Here is a screen capture of what the "appwiz.cpl" main screen. Please note that the .csv has the correct Excel icon but the .doc... files for Word have no Icon. I tried changing the default program to use Word again but the icon never appears.

To fix the icons in the Start Menu -> Microsoft Office, I had to delete the old shortcuts because the Change Icon option was grayed out. I then created new shortcut and put them in the Program Data -> Microsoft -> Windows -> STart Menu -> Programs -> Microsoft Office folder.

If you can tell me how to fix this problem, even if it takes 500 steps, I will do it. I just want Office 2010 to function the way it should be functioning.

Thanks


----------



## Corday (Mar 3, 2010)

*Re: No Word or Outlook Icons - Office 2010*

Try opening one in Word and "Save As" Word Document in Word.


----------



## Hitescape (Jan 5, 2012)

*Re: No Word or Outlook Icons - Office 2010*

I opened word, created a test document and saved it as .docx as well as .doc and it uses the same generic icon as you see in the screen capture above. If I double click on the .docx file it will open it with word, only the icon is not correct.

I think that if you can find out how to correct the icons in the default programs database then that might fix the problem.


----------



## Corday (Mar 3, 2010)

*Re: No Word or Outlook Icons - Office 2010*

When you right click the Word shortcut, what icon does "Properties" show? If it's wrong, definitely do an Office Repair. Word>Help>Detect and Repair. Check Restore my shortcuts while repairing. As far as the customized checkbox, make your own decision. If checked you'll lose all macros etc., but who knows, possibly you chose something in the past that caused the problem.


P.S. If you originally had the trial version, it should be removed


----------



## Hitescape (Jan 5, 2012)

*Re: No Word or Outlook Icons - Office 2010*

The shortcut has the correct icon because it is one that I re-created when the previous shortcut lost its icon; I tried to explain this in an earlier post. 

I opened Word, clicked Help off of the File menu and there is no Detect and Repair option. 

As far as re-installing word, please review the history before you ask me to do that.

I purchased the computer in August 2011 - Windows 7 Home Premium SP1 x64 along with Office Pro 2010.

With the very first install of Office 2010, Word would crash every time you tried to open a saved document. It had the correct icon but it was useless as you could not open saved documents.

MS tech support suggested uninstall and re-install which I did and it made no difference.
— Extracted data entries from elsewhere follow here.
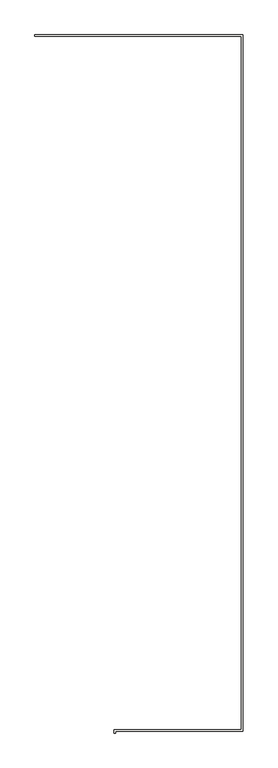
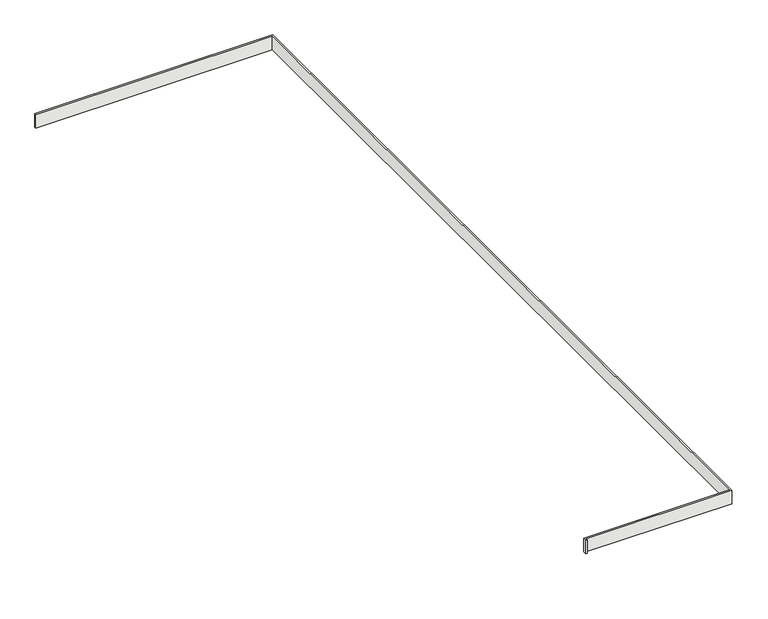
"""IFC4 building model written with IfcOpenShell, lengths in millimetres: slab geometry, FECHAMENTO DECK DE MADEIRA1 : CC_ND 300 FECHAMENTO 2 x 18 cm DECK DE MADEIRA."""

import ifcopenshell
import ifcopenshell.guid

model = None  # the IFC model being written
_history = None  # IfcOwnerHistory: only IFC2X3 demands one
_inside = {}  # id of a spatial element -> (the spatial element, [elements in it])
_under = {}  # id of a project, library or spatial element -> (it, [spatial elements below it])
_declared = {}  # id of a project -> (the project, [libraries it declares])
_typed = {}  # id of a type object -> (the type object, [elements of that type])
_made_of = {}  # id of a material, layer set ... -> (it, [elements and type objects made of it])


def new_model(schema):
    """Start an empty IFC model of exactly this schema.

    Asked for "IFC4X3", IfcOpenShell would pick the latest addendum, in which some entities
    have other attributes; the version numbers below select the first issue.
    IFC2X3 requires an IfcOwnerHistory on every rooted entity: one is made here for all.
    """
    global model, _history
    if schema == "IFC4X3":
        model = ifcopenshell.file(schema_version=(4, 3, 0, 0))
    else:
        model = ifcopenshell.file(schema=schema)
    _inside.clear()
    _under.clear()
    _declared.clear()
    _typed.clear()
    _made_of.clear()
    _history = None
    if model.schema == "IFC2X3":
        org = make("IfcOrganization", Name="unknown")
        user = make(
            "IfcPersonAndOrganization",
            ThePerson=make("IfcPerson", FamilyName="unknown"),
            TheOrganization=org,
        )
        app = make(
            "IfcApplication",
            ApplicationDeveloper=org,
            Version="unknown",
            ApplicationFullName="unknown",
            ApplicationIdentifier="unknown",
        )
        _history = make(
            "IfcOwnerHistory",
            OwningUser=user,
            OwningApplication=app,
            ChangeAction="ADDED",
            CreationDate=0,
        )
    return model


def make(cls, **values):
    """One entity of the class cls with the attributes given. An attribute that is None is left unset."""
    return model.create_entity(
        cls, **{name: value for name, value in values.items() if value is not None}
    )


def rooted(cls, **values):
    """An entity with a GlobalId (a new one), such as an element, a storey or a relation."""
    return make(cls, GlobalId=ifcopenshell.guid.new(), OwnerHistory=_history, **values)


def si_unit(unit_type, name, prefix=None):
    """IfcSIUnit, for example si_unit("LENGTHUNIT", "METRE", prefix="MILLI")."""
    return make("IfcSIUnit", UnitType=unit_type, Prefix=prefix, Name=name)


def assignment(units):
    """IfcUnitAssignment: the units of a project."""
    return None if units is None else make("IfcUnitAssignment", Units=units)


def point(xyz):
    """IfcCartesianPoint."""
    return None if xyz is None else make("IfcCartesianPoint", Coordinates=xyz)


def direction(xyz):
    """IfcDirection."""
    return None if xyz is None else make("IfcDirection", DirectionRatios=xyz)


def frame(location, z_axis=None, x_axis=None):
    """IfcAxis2Placement3D, a coordinate frame: its origin and axes. An axis left out is left unset."""
    return make(
        "IfcAxis2Placement3D",
        Location=point(location),
        Axis=direction(z_axis),
        RefDirection=direction(x_axis),
    )


def origin():
    """The frame at (0, 0, 0) with its axes left unset."""
    return frame((0.0, 0.0, 0.0))


def place(relative_to, where):
    """IfcLocalPlacement: puts the frame where relative to a parent placement (None: the world)."""
    return make(
        "IfcLocalPlacement", PlacementRelTo=relative_to, RelativePlacement=where
    )


def context(
    kind, dimensions, precision=None, world=None, true_north=None, identifier=None
):
    """IfcGeometricRepresentationContext, for example the 3D "Model" context."""
    return make(
        "IfcGeometricRepresentationContext",
        ContextIdentifier=identifier,
        ContextType=kind,
        CoordinateSpaceDimension=dimensions,
        Precision=precision,
        WorldCoordinateSystem=world,
        TrueNorth=true_north,
    )


def project(units=None, contexts=None):
    """IfcProject with its units and contexts."""
    return rooted(
        "IfcProject",
        Name="project",
        RepresentationContexts=contexts,
        UnitsInContext=assignment(units),
    )


def spatial(cls, under=None, at=None, **own):
    """A site, building, storey or space (cls), placed at a placement, below another one or the project."""
    s = rooted(cls, ObjectPlacement=at, **own)
    if under is not None:
        _under.setdefault(under.id(), (under, []))[1].append(s)
    return s


def polyline(points):
    """IfcPolyline through the points."""
    return make("IfcPolyline", Points=[point(p) for p in points])


def outline(outer, holes=None, kind="AREA"):
    """IfcArbitraryClosedProfileDef: a profile drawn as a closed curve; with holes, ...WithVoids."""
    if holes is None:
        return make("IfcArbitraryClosedProfileDef", ProfileType=kind, OuterCurve=outer)
    return make(
        "IfcArbitraryProfileDefWithVoids",
        ProfileType=kind,
        OuterCurve=outer,
        InnerCurves=holes,
    )


def extrude(swept, where, along, depth):
    """IfcExtrudedAreaSolid: the profile swept, set in the frame where, extruded along a direction by depth."""
    return make(
        "IfcExtrudedAreaSolid",
        SweptArea=swept,
        Position=where,
        ExtrudedDirection=direction(along),
        Depth=depth,
    )


def shape(context_of_items, identifier, shape_type, items):
    """IfcShapeRepresentation: the items that make up one representation, for example the "Body"."""
    return make(
        "IfcShapeRepresentation",
        ContextOfItems=context_of_items,
        RepresentationIdentifier=identifier,
        RepresentationType=shape_type,
        Items=items,
    )


def source(mapping_origin, context_of_items, identifier, shape_type, items):
    """IfcRepresentationMap: a shape defined once, which mapped items show again and again."""
    return make(
        "IfcRepresentationMap",
        MappingOrigin=mapping_origin,
        MappedRepresentation=shape(context_of_items, identifier, shape_type, items),
    )


def transform(
    local_origin,
    x_axis=None,
    y_axis=None,
    z_axis=None,
    scale=None,
    scale2=None,
    scale3=None,
    uniform=True,
):
    """IfcCartesianTransformationOperator3D, or its non-uniform kind. x_axis, y_axis, z_axis: its Axis1, 2, 3."""
    if uniform:
        return make(
            "IfcCartesianTransformationOperator3D",
            Axis1=direction(x_axis),
            Axis2=direction(y_axis),
            LocalOrigin=point(local_origin),
            Scale=scale,
            Axis3=direction(z_axis),
        )
    return make(
        "IfcCartesianTransformationOperator3DnonUniform",
        Axis1=direction(x_axis),
        Axis2=direction(y_axis),
        LocalOrigin=point(local_origin),
        Scale=scale,
        Axis3=direction(z_axis),
        Scale2=scale2,
        Scale3=scale3,
    )


def mapped(mapping_source, mapping_target):
    """IfcMappedItem: shows the shape of a source again, moved by a transform."""
    return make(
        "IfcMappedItem", MappingSource=mapping_source, MappingTarget=mapping_target
    )


def made_of(thing, what):
    """Note that an element or type object is made of a material, layer set ...; save() writes the relation."""
    if what is not None:
        _made_of.setdefault(what.id(), (what, []))[1].append(thing)
    return thing


def element(
    cls,
    number,
    at=None,
    inside=None,
    cuts=None,
    type_object=None,
    material=None,
    context=None,
    identifier="Body",
    shape_type=None,
    held_by="IfcProductDefinitionShape",
    body=None,
    shapes=None,
    **own,
):
    """One element of the class cls, such as IfcWall. Its Tag is "e" and its number.

    at: its placement. inside: the storey or other place that contains it. cuts: it is an
    opening in that element (IfcRelVoidsElement). A single representation is given by context,
    identifier, shape_type and body (its items); several are given by shapes. held_by: the class
    of the entity that holds the representations. save() writes the other relations.
    """
    e = rooted(cls, Tag="e%d" % number, ObjectPlacement=at, **own)
    if body is not None:
        shapes = [shape(context, identifier, shape_type, body)]
    if shapes is not None:
        e.Representation = make(held_by, Representations=shapes)
    if inside is not None:
        _inside.setdefault(inside.id(), (inside, []))[1].append(e)
    if cuts is not None:
        rooted(
            "IfcRelVoidsElement", RelatingBuildingElement=cuts, RelatedOpeningElement=e
        )
    if type_object is not None:
        _typed.setdefault(type_object.id(), (type_object, []))[1].append(e)
    return made_of(e, material)


def aggregate(whole, parts):
    """IfcRelAggregates: a whole, such as a stair, and the parts it consists of."""
    return rooted("IfcRelAggregates", RelatingObject=whole, RelatedObjects=parts)


def save(model, path):
    """Write the relations noted so far, then the file.

    IfcRelAggregates (storeys below a building ...), IfcRelContainedInSpatialStructure (elements
    in a storey), IfcRelDefinesByType, IfcRelAssociatesMaterial and IfcRelDeclares: one each for
    every whole, place, type object, material and project.
    """
    for whole, parts in _under.values():
        aggregate(whole, parts)
    for where, things in _inside.values():
        rooted(
            "IfcRelContainedInSpatialStructure",
            RelatedElements=things,
            RelatingStructure=where,
        )
    for kind, things in _typed.values():
        rooted("IfcRelDefinesByType", RelatedObjects=things, RelatingType=kind)
    for what, things in _made_of.values():
        rooted("IfcRelAssociatesMaterial", RelatedObjects=things, RelatingMaterial=what)
    for by, libraries in _declared.values():
        rooted("IfcRelDeclares", RelatingContext=by, RelatedDefinitions=libraries)
    model.write(path)


def slab_ccd32a31(model_context):
    return source(origin(), model_context, "Body", "SweptSolid", [
        extrude(outline(polyline([(11009.718693, -4345.5699847), (10989.718693, -4345.5699847), (10989.718693, -4295.5699847), (12839.718693, -4295.5699847), (12839.718693, 5754.4300153), (9839.718693, 5754.4300153), (9839.718693, 5774.4300153), (12859.718693, 5774.4300153), (12859.718693, -4315.5699847), (11009.718693, -4315.5699847), (11009.718693, -4345.5699847)])), frame((0.0, 0.0, 200.0), z_axis=(0.0, 0.0, 1.0), x_axis=(1.0, 0.0, 0.0)), (0.0, 0.0, 1.0), 180.0),
    ])


if __name__ == "__main__":
    model = new_model("IFC4")
    model_context = context("Model", 3, world=origin())
    ifc_project = project(units=[si_unit("LENGTHUNIT", "METRE", prefix="MILLI")], contexts=[model_context])
    site = spatial("IfcSite", under=ifc_project)
    building = spatial("IfcBuilding", under=site)
    placement = place(None, origin())
    slab_shape = slab_ccd32a31(model_context)
    element("IfcSlab", 1, ObjectType="FECHAMENTO DECK DE MADEIRA1 : CC_ND 300 FECHAMENTO 2 x 18 cm DECK DE MADEIRA", at=placement, inside=building, context=model_context, shape_type="MappedRepresentation", body=[
        mapped(slab_shape, transform((0.0, 0.0, 0.0), x_axis=(1.0, 0.0, 0.0), y_axis=(0.0, 1.0, 0.0), z_axis=(0.0, 0.0, 1.0))),
    ])
    save(model, "model.ifc")

# Revit data of these elements
# Element 1 (IfcSlab, "FECHAMENTO DECK DE MADEIRA1 : CC_ND 300 FECHAMENTO 2 x 18 cm DECK DE MADEIRA")
#   Materials on its faces: ".DECK DE MADEIRA LONGITUDINAL"
# Materials
#   ".DECK DE MADEIRA LONGITUDINAL": class ".CC_MADEIRA REVEST.", colour RGB 169 114 85, transparency 0, Description = "Deck de madeira", Cost = 0

I kept looking and asking and was finally directed to the Microsoft Tech Support page that had the "MicrosoftFixit.Wordstartup.Run.exe" downloadable fixit program. Sorry, I can no longer find that page.

I ran the program and the first pass did not fix the problem of word crashing when opening a document. I then continued to the second level of the fixit program and that made unknown changes that fixed the Word crashing problem BUT it created these current problems with icons for Outlook, PowerPoint and Word.

If you say to, I will completely uninstall Office 2010 and re-install but I would like some kind of assurance that 1) it will not re-create the original problem that I had with Word crashing every time I opened a document and 2) that re-installing Offcie 2010 will have a more than 50% chance of fixing the problems with the icons.

I would really feel better if some contact was made with the group that wrote the "MicrosoftFixit.Wordstartup.Run.exe" tool. It seems to me that they would be the most likely to know what damage their program did.

Thanks,

Dave


----------



## Hitescape (Jan 5, 2012)

*Re: No Word or Outlook Icons - Office 2010*

Well, another Google search directed me to a private site that had the solution:

Run -> Winword /r

Problems fixed.

Dave

PS
The final product will never perform better than the design parameters. If they are incorrect or are not properly implemented the end product will not perform.

This is more true for "MicrosoftFixit" patches!


----------



## Corday (Mar 3, 2010)

*Re: No Word or Outlook Icons - Office 2010*

Yes, that's the equivalent of the Detect and Repair (sort of). Glad to hear all is OK. The "fix" is still on the MS site since I looked at it after first reading your post. Winword /r registers Word and ties the files to the program, hence, .docx is now showing Word icons. Sorry we too such a crooked path on this one.


----------